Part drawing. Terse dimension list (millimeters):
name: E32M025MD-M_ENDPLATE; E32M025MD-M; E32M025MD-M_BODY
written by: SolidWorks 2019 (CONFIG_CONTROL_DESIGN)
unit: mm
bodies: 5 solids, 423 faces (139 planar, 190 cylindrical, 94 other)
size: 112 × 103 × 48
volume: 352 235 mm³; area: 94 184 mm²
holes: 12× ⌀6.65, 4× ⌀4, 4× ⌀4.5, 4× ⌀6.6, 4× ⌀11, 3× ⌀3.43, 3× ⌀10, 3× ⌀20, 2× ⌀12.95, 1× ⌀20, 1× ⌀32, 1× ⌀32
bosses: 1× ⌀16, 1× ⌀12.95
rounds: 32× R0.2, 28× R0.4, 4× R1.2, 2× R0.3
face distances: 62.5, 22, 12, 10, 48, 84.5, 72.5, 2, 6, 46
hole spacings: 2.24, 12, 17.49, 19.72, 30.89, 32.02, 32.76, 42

::::::::::

> _TASK INSTRUCTIONS_
An exact copy of every entry is what's needed, so retype them all.

> _OUTPUT FOR THIS TASK_
Part drawing. Terse dimension list (millimeters):
name: E32M025MD-M_ENDPLATE; E32M025MD-M; E32M025MD-M_BODY
written by: SolidWorks 2019 (CONFIG_CONTROL_DESIGN)
unit: mm
bodies: 5 solids, 423 faces (139 planar, 190 cylindrical, 94 other)
size: 112 × 103 × 48
volume: 352 235 mm³; area: 94 184 mm²
holes: 12× ⌀6.65, 4× ⌀4, 4× ⌀4.5, 4× ⌀6.6, 4× ⌀11, 3× ⌀3.43, 3× ⌀10, 3× ⌀20, 2× ⌀12.95, 1× ⌀20, 1× ⌀32, 1× ⌀32
bosses: 1× ⌀16, 1× ⌀12.95
rounds: 32× R0.2, 28× R0.4, 4× R1.2, 2× R0.3
face distances: 62.5, 22, 12, 10, 48, 84.5, 72.5, 2, 6, 46
hole spacings: 2.24, 12, 17.49, 19.72, 30.89, 32.02, 32.76, 42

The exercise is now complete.